Microsoft and Vattenfall previously announced “the largest wind energy deal in the Netherlands in 2017”, in which Microsoft purchased 100 percent of the wind energy generated from a 180-megawatt wind farm adjacent to its local datacenter operations in the Netherlands. The wind farm is being constructed and operated by Vattenfall in the Wieringermeer Polder, north of Amsterdam.

“We intend for our datacenters in Sweden to be among the most sustainably designed and operated in the world with the ultimate ambition of achieving zero-carbon operations,” Noelle Walsh, CVP of Cloud Operations & Innovation at Microsoft Corp, said in a statement. “The datacenter design we’re developing will further Microsoft’s ongoing commitment to transition to a sustainable, low-carbon future.”

Vattenfall’s Senior Vice President of Strategic Development, Andreas Regnell, said the company was “fully committed” to help its customers to live “fossil fee” within one generation and that the partnership with Microsoft would fit “very well” with Vattenfall’s overall strategy.

The new datacenters in Sweden are “in anticipation of future needs for cloud and internet services as demand in Europe continues to grow”, Microsoft said. In its recent Q3 2019 earnings report, Microsoft told investors that demand for its cloud offerings drove commercial cloud revenue to $9.6 billion in its most recent quarter, up 41 percent year-over-year.

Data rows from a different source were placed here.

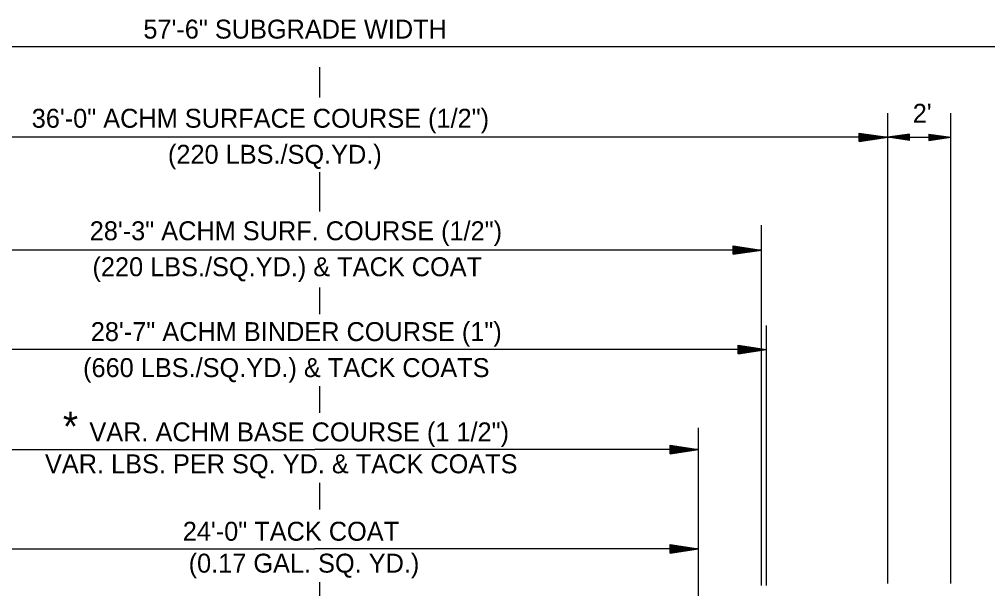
# Model space of a CAD drawing. Extents: x 634177 to 635904, y 289936 to 290970.
# Drawn here: x 635841.15 to 635871.85, y 290618.08 to 290636.11 of the extents above; entities that cross this region are included whole.
import ezdxf

# ---------------------------------------------------------------- set-up
doc = ezdxf.new("R2010")
doc.units = 0
doc.layers.add('Default', color=7, linetype='Continuous')

msp = doc.modelspace()

# ---------------------------------------------------------------- linework, layer by layer
at = {"layer": 'Default'}
for p, q in [((635878.958, 290635.246), (635822.398, 290635.246)), ((635850.678, 290633.633), (635850.678, 290634.593)), ((635868.678, 290618.24), (635868.678, 290633.142)), ((635870.678, 290618.24), (635870.678, 290633.142)), ((635868.678, 290632.376), (635832.678, 290632.376)), ((635867.778, 290632.511), (635868.678, 290632.376)), ((635867.778, 290632.241), (635867.778, 290632.511)), ((635867.778, 290632.489), (635868.528, 290632.376)), ((635867.778, 290632.466), (635868.373, 290632.376)), ((635867.778, 290632.443), (635868.223, 290632.376)), ((635867.778, 290632.421), (635868.07, 290632.376)), ((635867.778, 290632.398), (635867.92, 290632.376)), ((635867.778, 290632.241), (635868.678, 290632.376)), ((635867.778, 290632.333), (635868.07, 290632.376)), ((635867.778, 290632.286), (635868.373, 290632.376)), ((635867.778, 290632.264), (635868.528, 290632.376)), ((635867.778, 290632.31), (635868.223, 290632.376)), ((635867.778, 290632.355), (635867.92, 290632.376)), ((635869.368, 290632.48), (635868.678, 290632.376)), ((635868.678, 290632.376), (635870.678, 290632.376)), ((635869.368, 290632.273), (635868.678, 290632.376)), ((635869.368, 290632.463), (635868.793, 290632.376)), ((635869.368, 290632.29), (635868.793, 290632.376)), ((635869.368, 290632.445), (635868.912, 290632.376)), ((635869.368, 290632.308), (635868.912, 290632.376)), ((635869.368, 290632.428), (635869.027, 290632.376)), ((635869.368, 290632.325), (635869.027, 290632.376)), ((635869.368, 290632.41), (635869.144, 290632.376)), ((635869.368, 290632.343), (635869.144, 290632.376)), ((635869.368, 290632.393), (635869.259, 290632.376)), ((635869.368, 290632.36), (635869.259, 290632.376)), ((635869.368, 290632.273), (635869.368, 290632.48)), ((635869.988, 290632.48), (635870.678, 290632.376)), ((635869.988, 290632.48), (635869.988, 290632.273)), ((635869.988, 290632.463), (635870.563, 290632.376)), ((635869.988, 290632.445), (635870.444, 290632.376)), ((635869.988, 290632.428), (635870.329, 290632.376)), ((635869.988, 290632.41), (635870.212, 290632.376)), ((635869.988, 290632.393), (635870.097, 290632.376)), ((635869.988, 290632.273), (635870.678, 290632.376)), ((635869.988, 290632.343), (635870.212, 290632.376)), ((635869.988, 290632.308), (635870.444, 290632.376)), ((635869.988, 290632.29), (635870.563, 290632.376)), ((635869.988, 290632.325), (635870.329, 290632.376)), ((635869.988, 290632.36), (635870.097, 290632.376)), ((635850.678, 290630.031), (635850.678, 290631.276)), ((635864.678, 290618.183), (635864.678, 290629.591)), ((635864.678, 290628.805), (635836.649, 290628.805)), ((635863.778, 290628.94), (635864.678, 290628.805)), ((635863.778, 290628.67), (635863.778, 290628.94)), ((635863.778, 290628.918), (635864.528, 290628.805)), ((635863.778, 290628.895), (635864.373, 290628.805)), ((635863.778, 290628.872), (635864.223, 290628.805)), ((635863.778, 290628.849), (635864.07, 290628.805)), ((635863.778, 290628.827), (635863.92, 290628.805)), ((635863.778, 290628.67), (635864.678, 290628.805)), ((635863.778, 290628.762), (635864.07, 290628.805)), ((635863.778, 290628.715), (635864.373, 290628.805)), ((635863.778, 290628.693), (635864.528, 290628.805)), ((635863.778, 290628.739), (635864.223, 290628.805)), ((635863.778, 290628.784), (635863.92, 290628.805)), ((635850.678, 290626.774), (635850.678, 290627.618)), ((635864.839, 290618.183), (635864.839, 290626.419)), ((635864.678, 290625.658), (635836.517, 290625.658)), ((635863.939, 290625.793), (635864.839, 290625.658)), ((635863.939, 290625.523), (635863.939, 290625.793)), ((635863.939, 290625.771), (635864.688, 290625.658)), ((635863.939, 290625.748), (635864.534, 290625.658)), ((635863.939, 290625.725), (635864.384, 290625.658)), ((635863.939, 290625.702), (635864.231, 290625.658)), ((635863.939, 290625.68), (635864.081, 290625.658)), ((635863.939, 290625.523), (635864.839, 290625.658)), ((635863.939, 290625.615), (635864.231, 290625.658)), ((635863.939, 290625.568), (635864.534, 290625.658)), ((635863.939, 290625.546), (635864.688, 290625.658)), ((635863.939, 290625.592), (635864.384, 290625.658)), ((635863.939, 290625.637), (635864.081, 290625.658)), ((635850.678, 290623.65), (635850.678, 290624.494)), ((635862.678, 290612.837), (635862.678, 290623.179)), ((635861.778, 290622.625), (635862.678, 290622.49)), ((635861.778, 290622.355), (635861.778, 290622.625)), ((635861.778, 290622.603), (635862.528, 290622.49)), ((635861.778, 290622.58), (635862.373, 290622.49)), ((635861.778, 290622.557), (635862.223, 290622.49)), ((635838.678, 290622.49), (635850.518, 290622.49)), ((635862.678, 290622.49), (635850.518, 290622.49)), ((635861.778, 290622.535), (635862.07, 290622.49)), ((635861.778, 290622.512), (635861.92, 290622.49)), ((635861.778, 290622.355), (635862.678, 290622.49)), ((635861.778, 290622.447), (635862.07, 290622.49)), ((635861.778, 290622.4), (635862.373, 290622.49)), ((635861.778, 290622.378), (635862.528, 290622.49)), ((635861.778, 290622.424), (635862.223, 290622.49)), ((635861.778, 290622.469), (635861.92, 290622.49)), ((635850.678, 290620.59), (635850.678, 290621.434)), ((635838.678, 290619.343), (635850.518, 290619.343)), ((635862.678, 290619.343), (635850.518, 290619.343)), ((635861.778, 290619.478), (635862.678, 290619.343)), ((635861.778, 290619.208), (635861.778, 290619.478)), ((635861.778, 290619.456), (635862.528, 290619.343)), ((635861.778, 290619.433), (635862.373, 290619.343)), ((635861.778, 290619.41), (635862.223, 290619.343)), ((635861.778, 290619.388), (635862.07, 290619.343)), ((635861.778, 290619.365), (635861.92, 290619.343)), ((635861.778, 290619.208), (635862.678, 290619.343)), ((635861.778, 290619.3), (635862.07, 290619.343)), ((635861.778, 290619.253), (635862.373, 290619.343)), ((635861.778, 290619.231), (635862.528, 290619.343)), ((635861.778, 290619.277), (635862.223, 290619.343)), ((635861.778, 290619.322), (635861.92, 290619.343)), ((635850.678, 290612.314), (635850.678, 290618.287))]:
    msp.add_line(p, q, dxfattribs=at)

# ---------------------------------------------------------------- texts
for s, height, p in [('57\'-6" SUBGRADE WIDTH', 0.6, (635845.082, 290635.503)), ('36\'-0" ACHM SURFACE COURSE (1/2")', 0.6, (635841.543, 290632.679)), ("2'", 0.6, (635869.472, 290632.837)), ('(220 LBS./SQ.YD.)', 0.6, (635845.861, 290631.539)), ('28\'-3" ACHM SURF. COURSE (1/2")', 0.6, (635843.382, 290629.116)), ('(220 LBS./SQ.YD.) & TACK COAT', 0.6, (635843.469, 290627.976)), ('28\'-7" ACHM BINDER COURSE (1")', 0.6, (635843.416, 290625.922)), ('(660 LBS./SQ.YD.) & TACK COATS', 0.6, (635843.171, 290624.782)), ('*', 0.931, (635842.529, 290622.755)), ('VAR. ACHM BASE COURSE (1 1/2")', 0.6, (635843.371, 290622.746)), ('VAR. LBS. PER SQ. YD. & TACK COATS', 0.6, (635841.963, 290621.735)), ('24\'-0" TACK COAT', 0.6, (635846.331, 290619.599)), ('(0.17 GAL. SQ. YD.)', 0.6, (635846.518, 290618.588))]:
    msp.add_text(s, height=height, dxfattribs=at).set_placement(p)

doc.saveas('drawing.dxf')

The datacentres in Sweden will add to the company’s existing European datacentre footprint, joining the ranks of its other planned datacentres in Norway and Switzerland, and already available datacentres in Austria, France, Finland, Germany, Ireland, the Netherlands and the United Kingdom.

As part of a drive to focus on research and development for greater efficiency and increased renewable energy across its global infrastructure, Microsoft said it plans to launch a new data-driven circular cloud initiative using the Internet of Things (IoT), blockchain and artificial intelligence (AI) to monitor performance and “streamline the reuse, resale and recycling of datacentre assets, including servers”.